START RECORDS TO USE
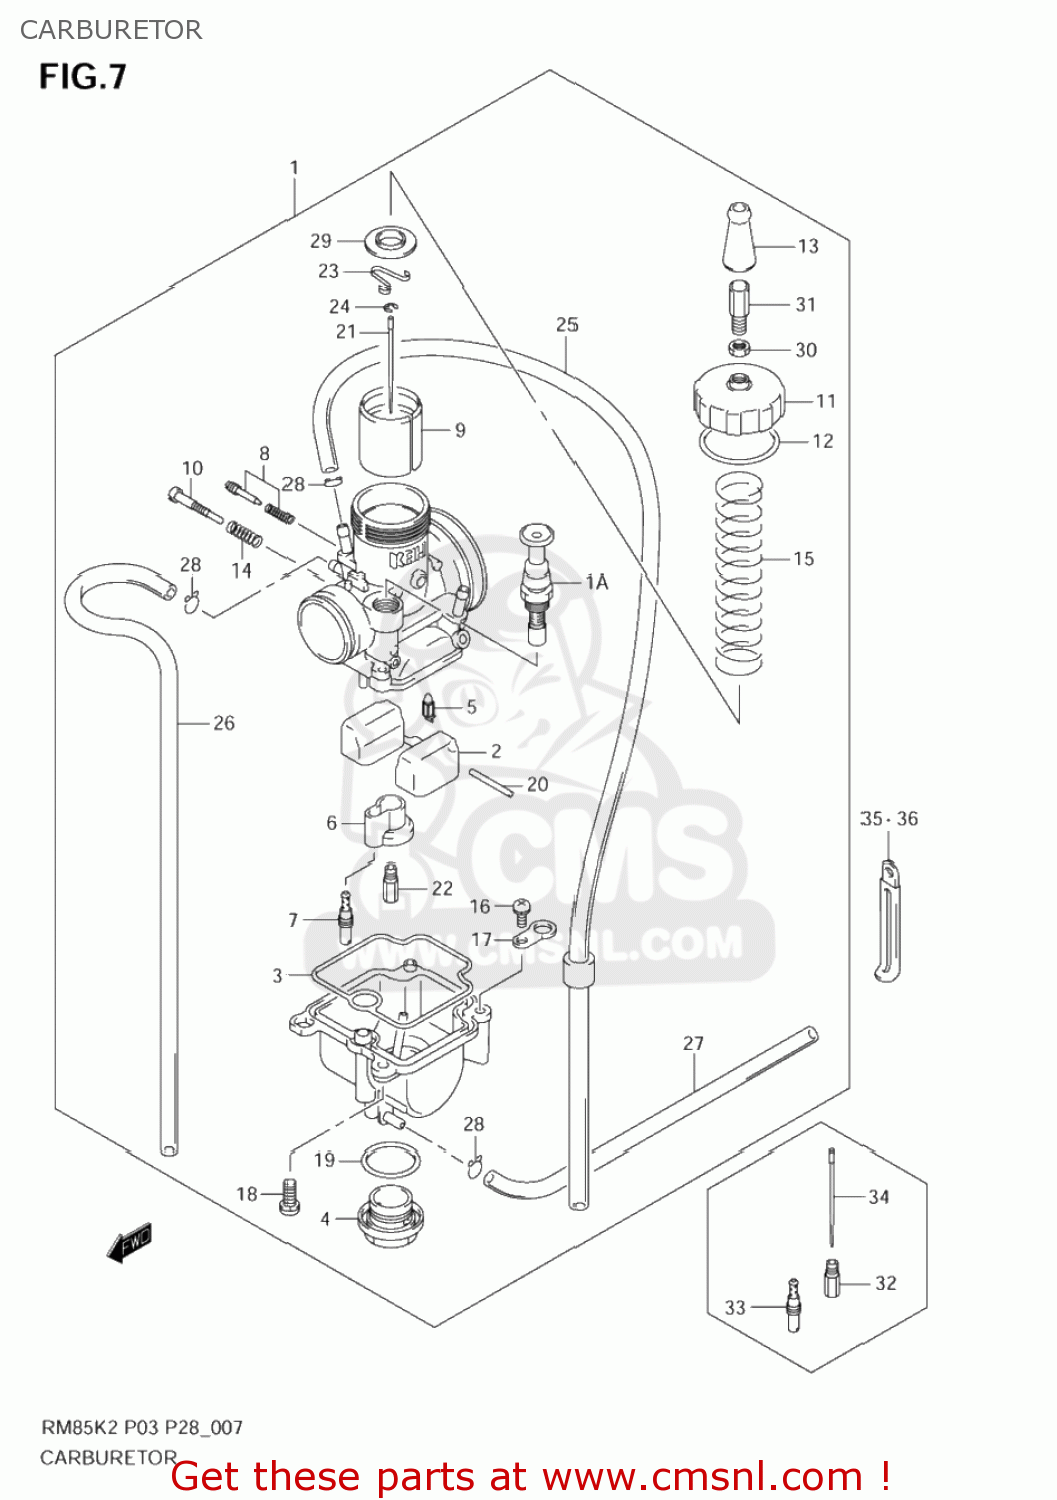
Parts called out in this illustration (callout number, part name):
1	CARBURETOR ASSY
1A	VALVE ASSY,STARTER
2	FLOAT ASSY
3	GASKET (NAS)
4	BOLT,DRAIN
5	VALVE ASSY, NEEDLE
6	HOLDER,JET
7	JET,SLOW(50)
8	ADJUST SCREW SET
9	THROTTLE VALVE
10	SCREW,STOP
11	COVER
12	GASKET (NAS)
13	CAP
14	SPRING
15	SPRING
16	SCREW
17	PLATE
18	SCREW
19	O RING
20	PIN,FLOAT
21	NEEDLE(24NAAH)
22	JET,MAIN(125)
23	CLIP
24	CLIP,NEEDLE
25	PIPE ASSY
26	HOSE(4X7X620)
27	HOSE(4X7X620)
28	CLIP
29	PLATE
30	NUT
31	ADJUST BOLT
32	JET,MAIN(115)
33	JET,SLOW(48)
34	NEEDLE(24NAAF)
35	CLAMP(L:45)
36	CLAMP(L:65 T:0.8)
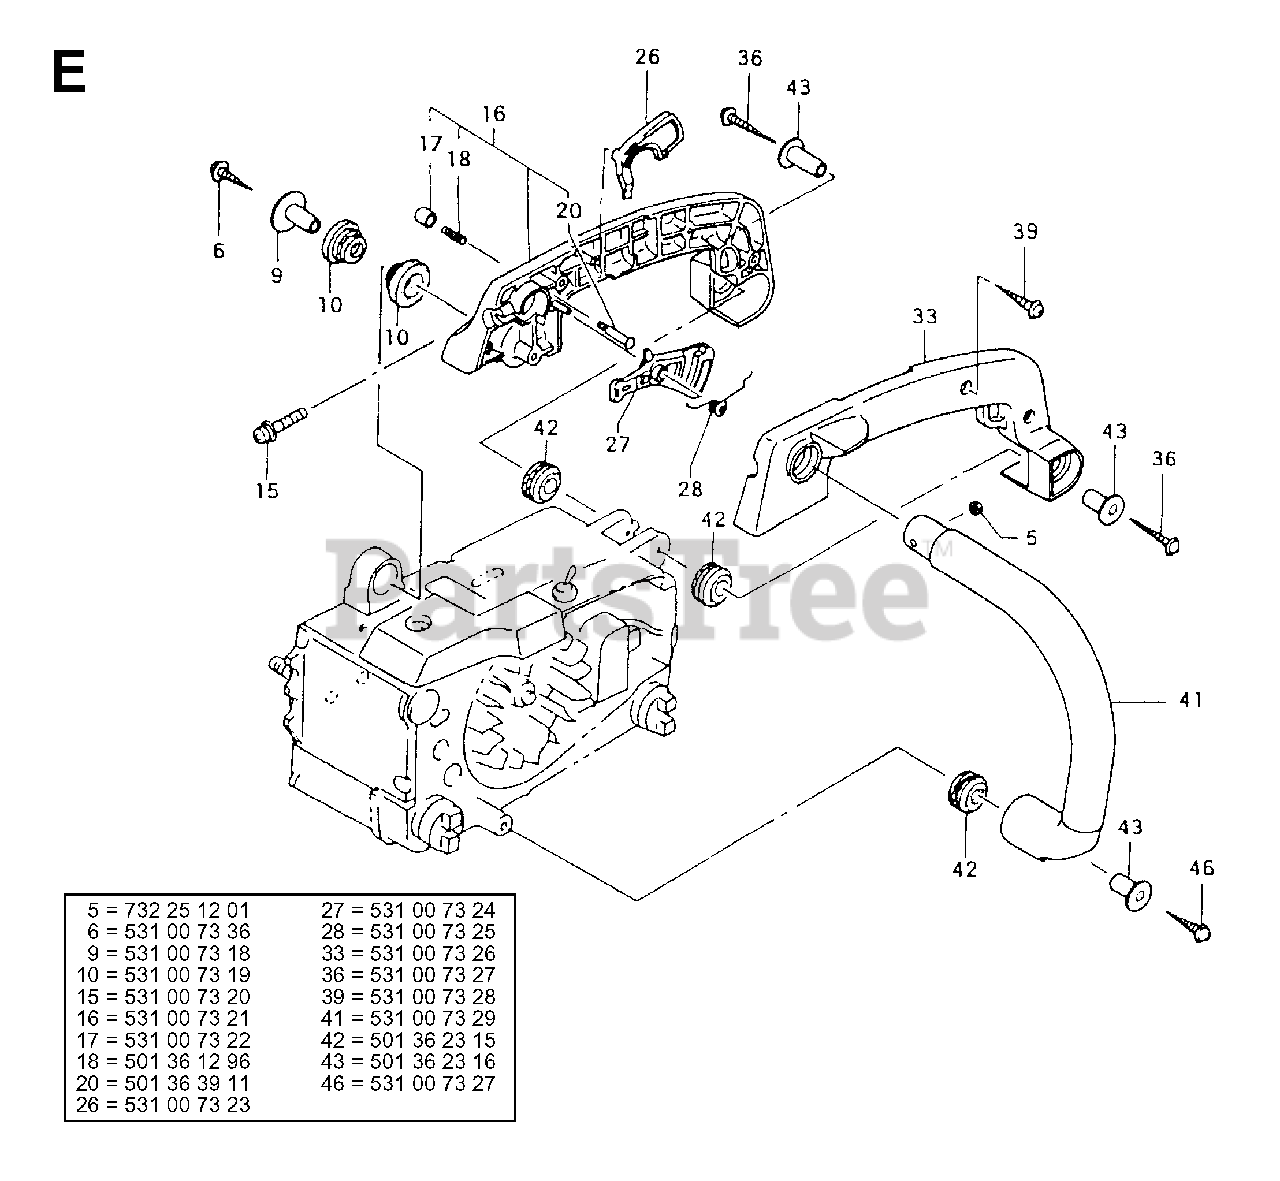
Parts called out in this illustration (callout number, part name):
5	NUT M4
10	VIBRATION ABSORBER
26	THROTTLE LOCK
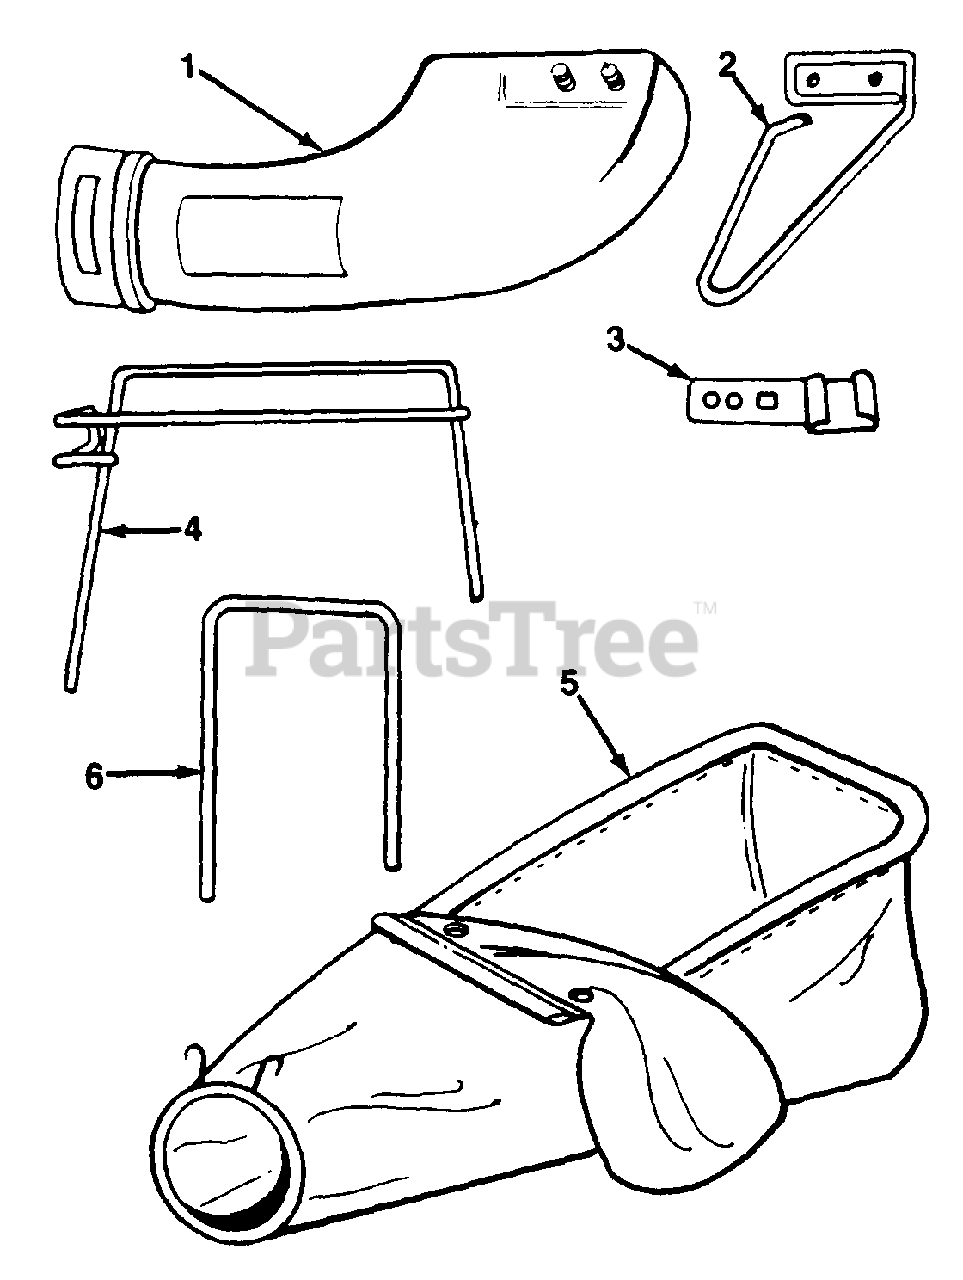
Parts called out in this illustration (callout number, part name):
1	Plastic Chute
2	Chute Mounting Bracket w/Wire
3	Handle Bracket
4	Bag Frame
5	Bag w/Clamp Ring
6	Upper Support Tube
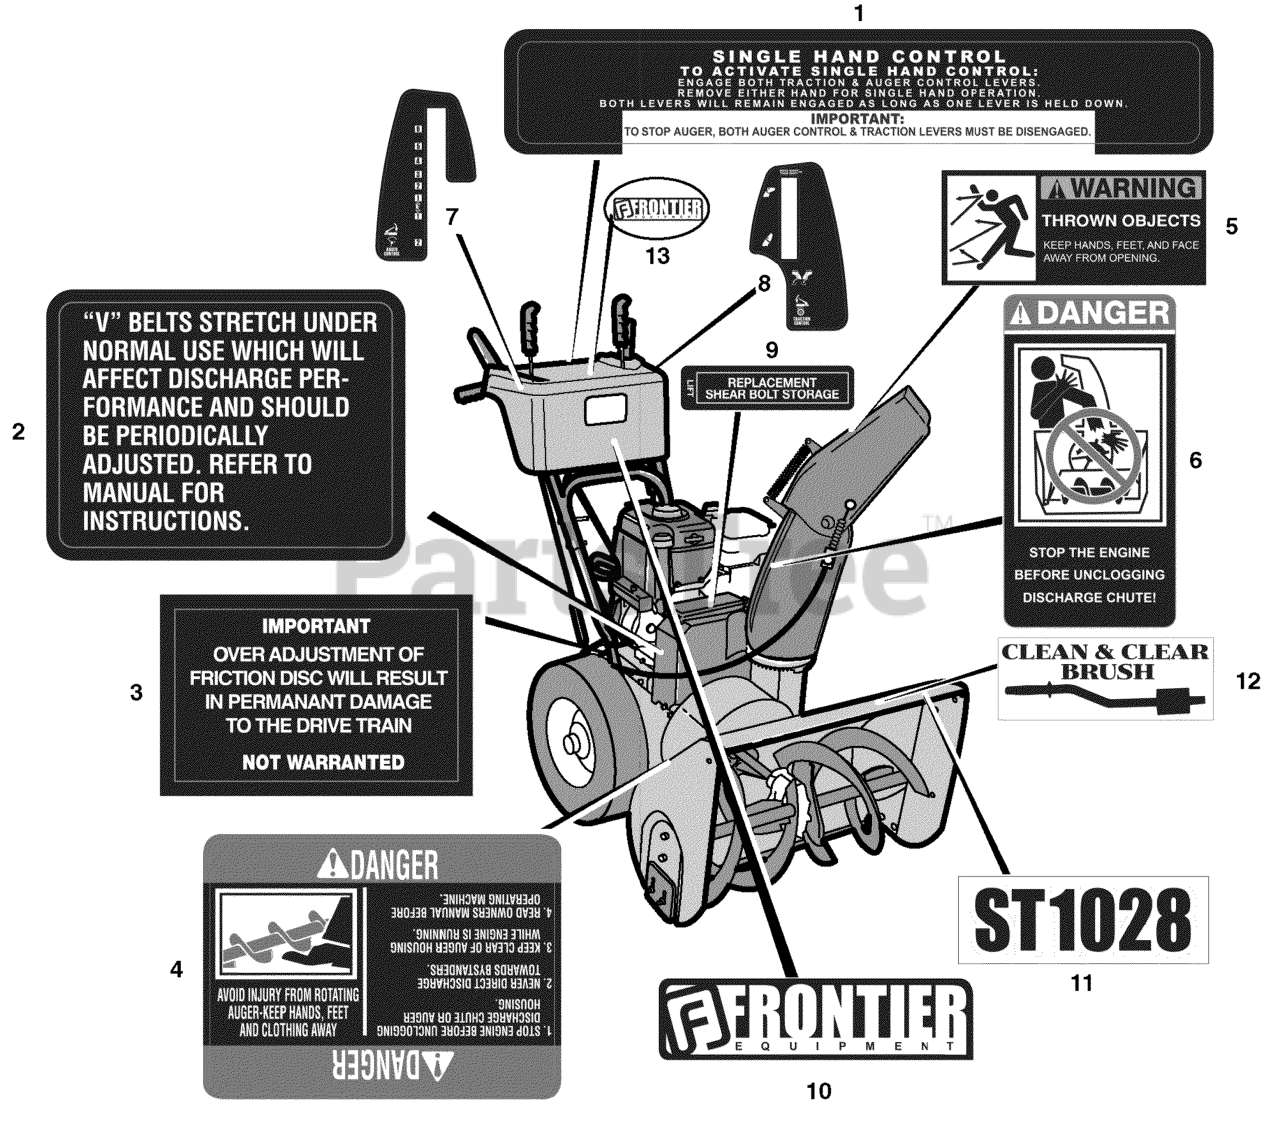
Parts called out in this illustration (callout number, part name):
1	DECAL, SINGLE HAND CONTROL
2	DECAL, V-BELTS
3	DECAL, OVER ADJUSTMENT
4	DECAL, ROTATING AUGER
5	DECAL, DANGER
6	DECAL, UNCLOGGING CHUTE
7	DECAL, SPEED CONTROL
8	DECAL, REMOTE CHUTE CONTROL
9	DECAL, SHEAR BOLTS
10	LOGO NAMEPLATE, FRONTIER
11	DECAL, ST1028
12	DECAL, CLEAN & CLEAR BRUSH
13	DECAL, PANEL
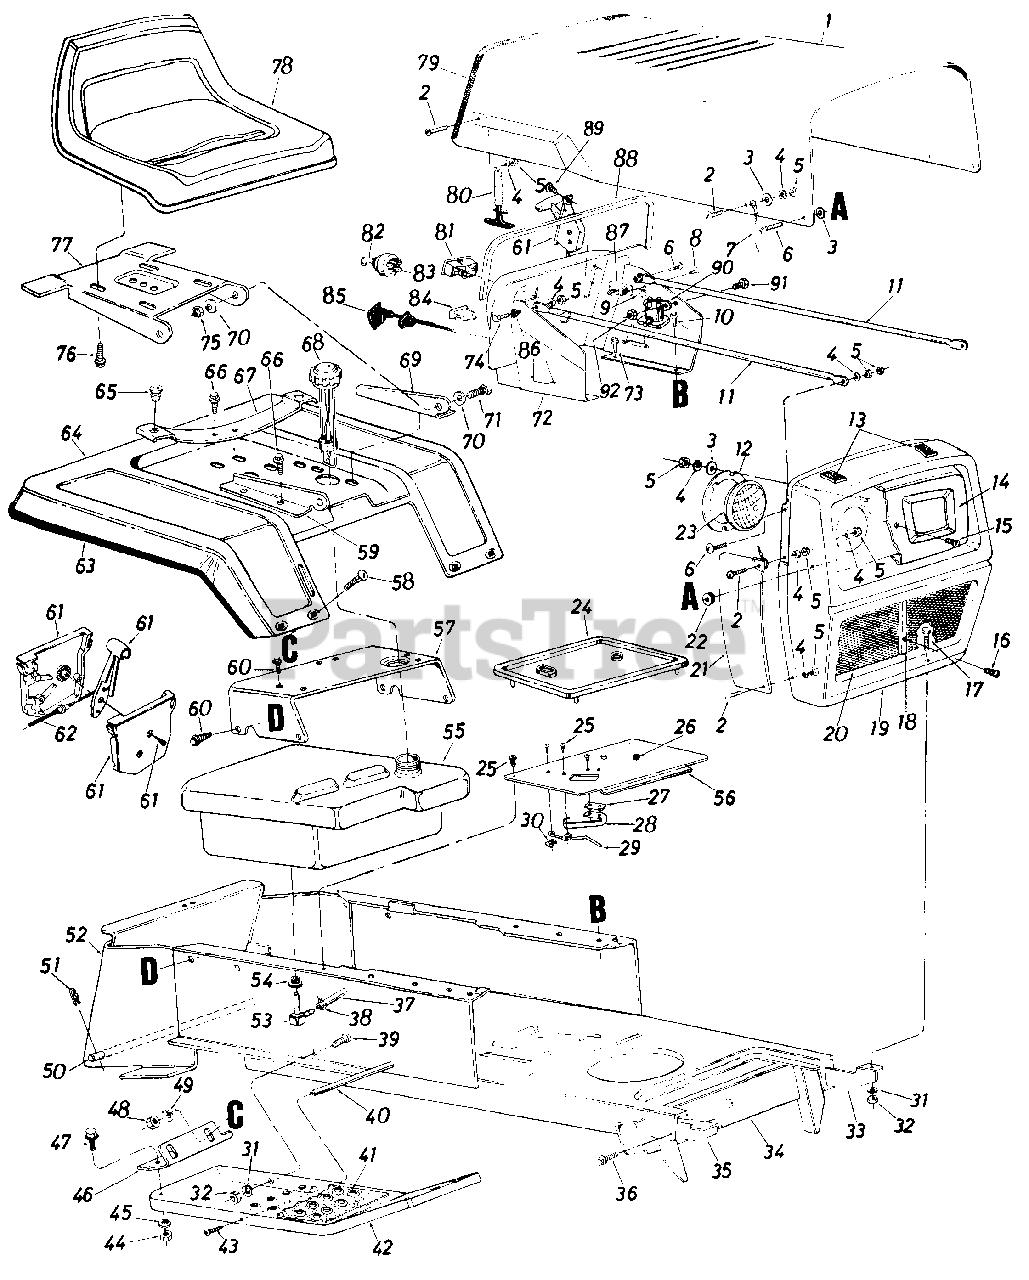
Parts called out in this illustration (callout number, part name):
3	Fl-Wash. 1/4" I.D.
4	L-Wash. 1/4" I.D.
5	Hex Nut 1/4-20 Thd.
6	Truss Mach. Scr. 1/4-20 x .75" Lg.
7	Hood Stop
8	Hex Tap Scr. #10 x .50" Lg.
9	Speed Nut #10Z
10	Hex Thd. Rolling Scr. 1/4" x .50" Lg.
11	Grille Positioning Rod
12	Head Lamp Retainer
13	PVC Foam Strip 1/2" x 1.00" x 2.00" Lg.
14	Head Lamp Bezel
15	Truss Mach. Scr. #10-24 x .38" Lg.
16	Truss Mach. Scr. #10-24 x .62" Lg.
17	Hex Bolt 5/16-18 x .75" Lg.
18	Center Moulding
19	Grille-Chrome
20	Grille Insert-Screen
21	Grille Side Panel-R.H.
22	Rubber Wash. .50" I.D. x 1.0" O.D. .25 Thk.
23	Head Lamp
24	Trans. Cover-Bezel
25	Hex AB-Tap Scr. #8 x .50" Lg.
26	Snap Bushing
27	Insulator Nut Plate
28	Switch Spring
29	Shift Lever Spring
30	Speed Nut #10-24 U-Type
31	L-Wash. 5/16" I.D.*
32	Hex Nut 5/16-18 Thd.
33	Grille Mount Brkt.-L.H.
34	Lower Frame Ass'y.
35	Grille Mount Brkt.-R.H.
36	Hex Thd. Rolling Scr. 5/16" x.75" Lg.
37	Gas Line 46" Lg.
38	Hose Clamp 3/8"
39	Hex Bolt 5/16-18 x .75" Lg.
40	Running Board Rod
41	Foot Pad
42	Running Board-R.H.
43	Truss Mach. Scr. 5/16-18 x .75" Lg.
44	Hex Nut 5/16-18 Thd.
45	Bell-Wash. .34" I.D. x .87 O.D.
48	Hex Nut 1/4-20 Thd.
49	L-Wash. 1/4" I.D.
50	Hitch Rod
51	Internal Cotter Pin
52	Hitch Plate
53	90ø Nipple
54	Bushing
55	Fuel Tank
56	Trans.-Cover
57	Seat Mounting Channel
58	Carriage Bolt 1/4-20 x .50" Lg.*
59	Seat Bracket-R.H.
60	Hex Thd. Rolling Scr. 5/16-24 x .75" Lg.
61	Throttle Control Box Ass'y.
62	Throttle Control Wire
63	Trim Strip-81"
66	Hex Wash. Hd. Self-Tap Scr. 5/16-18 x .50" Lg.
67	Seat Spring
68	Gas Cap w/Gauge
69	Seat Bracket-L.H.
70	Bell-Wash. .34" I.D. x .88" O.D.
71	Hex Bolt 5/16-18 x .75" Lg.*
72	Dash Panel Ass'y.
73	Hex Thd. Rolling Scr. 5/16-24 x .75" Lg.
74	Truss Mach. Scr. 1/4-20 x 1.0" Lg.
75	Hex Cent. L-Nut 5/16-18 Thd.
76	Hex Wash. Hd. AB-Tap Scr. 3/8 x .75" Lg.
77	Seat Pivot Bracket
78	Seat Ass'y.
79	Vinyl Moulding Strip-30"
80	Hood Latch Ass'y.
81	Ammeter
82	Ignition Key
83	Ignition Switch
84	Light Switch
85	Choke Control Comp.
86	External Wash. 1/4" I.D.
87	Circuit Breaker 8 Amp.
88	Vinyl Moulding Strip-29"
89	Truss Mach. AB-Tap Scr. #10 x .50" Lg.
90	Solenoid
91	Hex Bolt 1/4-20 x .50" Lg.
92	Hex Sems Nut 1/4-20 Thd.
END RECORDS TO USE
THE PROBLEM -
Answer with one number, namely the count of lines in the entries that include the word "Mach".

EXERCISE ANSWER -
6